Search term "Front": please copy every line of the records below that contains it.

%%

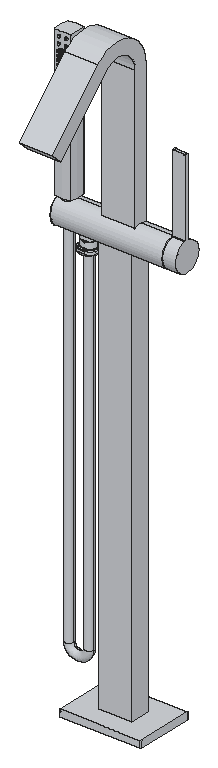
Revit family "Faucet-Bath_Filler-KOHLER-LOURE-K-8147T", category Plumbing Fixtures, host Face, Revit 2017 (continued)
Definition of nested family "K-8147T"
  Automatic sketch dimensions
    Extrusion 14 sketch curve to plane 17 "1" = 0.11675"  (x11)
    Extrusion 14 sketch curve to plane 17 "1" = 0.12403"
    Extrusion 14 sketch curve to plane 10 = 0.12447"  (x2)
    Extrusion 14 sketch curve to Extrusion 14 sketch curve = 0.12091"  (x17)
    Extrusion 14 sketch curve to Extrusion 14 sketch curve = 0.12127"  (x6)
    Extrusion 14 sketch curve to Extrusion 14 sketch curve = 0.13503"  (x2)
    Extrusion 14 sketch curve to Extrusion 14 sketch curve = 0.1333"  (x2)
    Extrusion 14 sketch curve to Extrusion 14 sketch curve = 0.12732"  (x2)
    plane 10 to Extrusion 14 sketch curve = 0.01143"
    plane 10 to Extrusion 14 sketch curve = 0.13235"  (x2)
    Extrusion 14 sketch curve to Extrusion 14 sketch curve = 0.13705"  (x2)
    Extrusion 14 sketch curve to Extrusion 14 sketch curve = 0.13741"
    Extrusion 14 sketch curve to Extrusion 14 sketch curve = 0.13548"  (x2)
    Extrusion 14 sketch curve to Extrusion 14 sketch curve = 0.13583"
    Extrusion 14 sketch curve to Extrusion 14 sketch curve = 0.13488"  (x2)
    Extrusion 14 sketch curve to Extrusion 14 sketch curve = 0.13523"
    Extrusion 14 sketch curve to Extrusion 14 sketch curve = 0.13406"  (x2)
    Extrusion 14 sketch curve to Extrusion 14 sketch curve = 0.13442"
    Extrusion 14 sketch curve to Extrusion 14 sketch curve = 0.13455"  (x2)
    Extrusion 14 sketch curve to Extrusion 14 sketch curve = 0.13491"
    Extrusion 14 sketch curve to Extrusion 14 sketch curve = 0.13465"  (x2)
    Extrusion 14 sketch curve to Extrusion 14 sketch curve = 0.13501"
    Extrusion 14 sketch curve to Extrusion 14 sketch curve = 0.13075"  (x2)
    Extrusion 14 sketch curve to Extrusion 14 sketch curve = 0.13111"
    Masking region 1 sketch curve to plane 21 = 0"  (x2)
    Masking region 1 sketch curve to plane 4 = 0"  (x2)
    plane 7 to Masking region 1 sketch curve = 0"  (x2)
    Masking region 1 sketch curve to plane 6 = 0"
    Masking region 1 sketch curve to plane 3 "Center (Left/Right)" = 0"
    plane 3 "Center (Left/Right)" to Masking region 1 sketch curve = 1.04331"
    Masking region 1 sketch curve to plane 5 = 0"  (x2)
    plane 1 "Center (Front/Back)" to Masking region 1 sketch curve = 0"
    Masking region 1 sketch curve to plane 20 = 0"
    Masking region 1 sketch curve to Masking region 1 sketch curve = 0.02087"  (x3)
    plane 4 to Masking region 1 sketch curve = 0.03937"
    Masking region 1 sketch curve to Masking region 1 sketch curve = 0.03937"  (x3)
    Masking region 1 sketch curve to plane 1 "Center (Front/Back)" = 0"
    Masking region 1 sketch curve to plane 3 "Center (Left/Right)" = 0.67282"
    plane 26 to Masking region 1 sketch curve = 0.25591"  (x2)
    Masking region 1 sketch curve to Masking region 1 sketch curve = 0.01969"  (x2)
    plane 20 to Masking region 1 sketch curve = 0.02087"
    plane 16 to Masking region 1 sketch curve = 0.35435"
    plane 16 to Masking region 1 sketch curve = 0.35433"
    Masking region 1 sketch curve to Masking region 1 sketch curve = 0"  (x2)
    Masking region 1 sketch curve to Masking region 1 sketch curve = 0.03121"
    Masking region 1 sketch curve to plane 16 = 0.04118"
    plane 15 to Masking region 1 sketch curve = 0.32313"
    plane 15 to Masking region 1 sketch curve = 0.33346"
    plane 15 to Masking region 1 sketch curve = 0.33348"
    Masking region 1 sketch curve to plane 12 = 0.30779"
    Masking region 1 sketch curve to plane 3 "Center (Left/Right)" = 1.04331"
    Masking region 2 sketch curve to plane 13 = 0"  (x2)
    Masking region 2 sketch curve to plane 23 = 0"
    Masking region 2 sketch curve to plane 21 = 0"
    plane 24 to Masking region 2 sketch curve = 0"
    Masking region 2 sketch curve to level = 0"
    Masking region 2 sketch curve to plane 4 = 0"
    plane 5 to Masking region 2 sketch curve = 0"
    Masking region 2 sketch curve to plane 18 = 0"
    plane 20 to Masking region 2 sketch curve = 0"
    Masking region 2 sketch curve to plane 14 = 0"
    plane 21 to Masking region 2 sketch curve = 0.05568"
    plane 21 to Masking region 2 sketch curve = 0.05906"
    Masking region 2 sketch curve to Masking region 2 sketch curve = 0.06091"
    Masking region 2 sketch curve to Masking region 2 sketch curve = 0.0057"
    Masking region 2 sketch curve to Masking region 2 sketch curve = 0.03206"
    plane 21 to Masking region 2 sketch curve = 0.23622"
    plane 17 "1" to Masking region 2 sketch curve = 0.05588"
    Masking region 2 sketch curve to plane 17 "1" = 0.27559"
    plane 24 to Masking region 2 sketch curve = 0.13615"
    Masking region 2 sketch curve to plane 13 = 0.0315"  (x2)
    plane 24 to Masking region 2 sketch curve = 0.13042"
    Masking region 2 sketch curve to plane 24 = 0.08858"
    Masking region 2 sketch curve to Masking region 2 sketch curve = 0"  (x5)
    Masking region 2 sketch curve to plane 24 = 0.09257"
    Masking region 2 sketch curve to Masking region 2 sketch curve = 0.02462"  (x2)
    Masking region 2 sketch curve to Masking region 2 sketch curve = 0.01475"  (x4)
    Masking region 2 sketch curve to Masking region 2 sketch curve = 0.03937"  (x3)
    Masking region 2 sketch curve to Masking region 2 sketch curve = 0.06785"  (x3)
    Masking region 2 sketch curve to plane 4 = 0.09055"
    Masking region 2 sketch curve to Masking region 2 sketch curve = 0.02431"  (x3)
    Masking region 2 sketch curve to plane 4 = 0.02564"
    plane 4 to Masking region 2 sketch curve = 0.01706"
    Masking region 2 sketch curve to Masking region 2 sketch curve = 0.03933"
    Masking region 2 sketch curve to plane 19 = 0.43903"
    Masking region 2 sketch curve to Masking region 2 sketch curve = 0.0406"
    plane 8 to Masking region 2 sketch curve = 0.00119"
    Masking region 2 sketch curve to plane 3 "Center (Left/Right)" = 1.04331"  (x2)
    level to Masking region 2 sketch curve = 0.43307"
    plane 3 "Center (Left/Right)" to Masking region 2 sketch curve = 1.04331"  (x2)
    plane 5 to Masking region 2 sketch curve = 0.05639"
    plane 5 to Masking region 2 sketch curve = 0.01706"
    plane 26 to Masking region 2 sketch curve = 0.25591"  (x2)
    Masking region 2 sketch curve to plane 18 = 0.05906"
    plane 26 to Masking region 2 sketch curve = 0.27559"
    Masking region 2 sketch curve to Masking region 2 sketch curve = 0.01969"  (x3)
    plane 20 to Masking region 2 sketch curve = 0.40533"
    Masking region 2 sketch curve to Masking region 2 sketch curve = 0.05906"
    plane 20 to Masking region 2 sketch curve = 0.02362"
    level to Masking region 2 sketch curve = 0.3937"
    Masking region 2 sketch curve to Masking region 2 sketch curve = 0.0017"
    Masking region 2 sketch curve to Masking region 2 sketch curve = 2.76352"
    Masking region 2 sketch curve to Masking region 2 sketch curve = 0.00033"
    Masking region 2 sketch curve to plane 11 = 1.90508"
    Masking region 2 sketch curve to Masking region 2 sketch curve = 0.16033"
    Masking region 2 sketch curve to Masking region 2 sketch curve = 0.16921"  (x2)
    Masking region 2 sketch curve to Masking region 2 sketch curve = 0.03337"  (x2)
    Masking region 2 sketch curve to Masking region 2 sketch curve = 0.34252"  (x2)
    Masking region 2 sketch curve to Masking region 2 sketch curve = 0.05578"  (x2)
    Masking region 2 sketch curve to plane 11 = 0.90553"
    Masking region 2 sketch curve to Masking region 2 sketch curve = 0.1063"  (x2)
    Masking region 2 sketch curve to plane 11 = 0.90551"
    Masking region 2 sketch curve to Masking region 2 sketch curve = 0.03121"
    Masking region 2 sketch curve to Masking region 2 sketch curve = 0.00206"
    Masking region 2 sketch curve to Masking region 2 sketch curve = 0.03639"
    Masking region 2 sketch curve to Masking region 2 sketch curve = 0.06093"
    Masking region 2 sketch curve to plane 13 = 0.15133"
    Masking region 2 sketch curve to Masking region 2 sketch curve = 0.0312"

%%

WRITTEN SOLUTION
    plane 1 "Center (Front/Back)" to Masking region 1 sketch curve = 0"
    Masking region 1 sketch curve to plane 1 "Center (Front/Back)" = 0"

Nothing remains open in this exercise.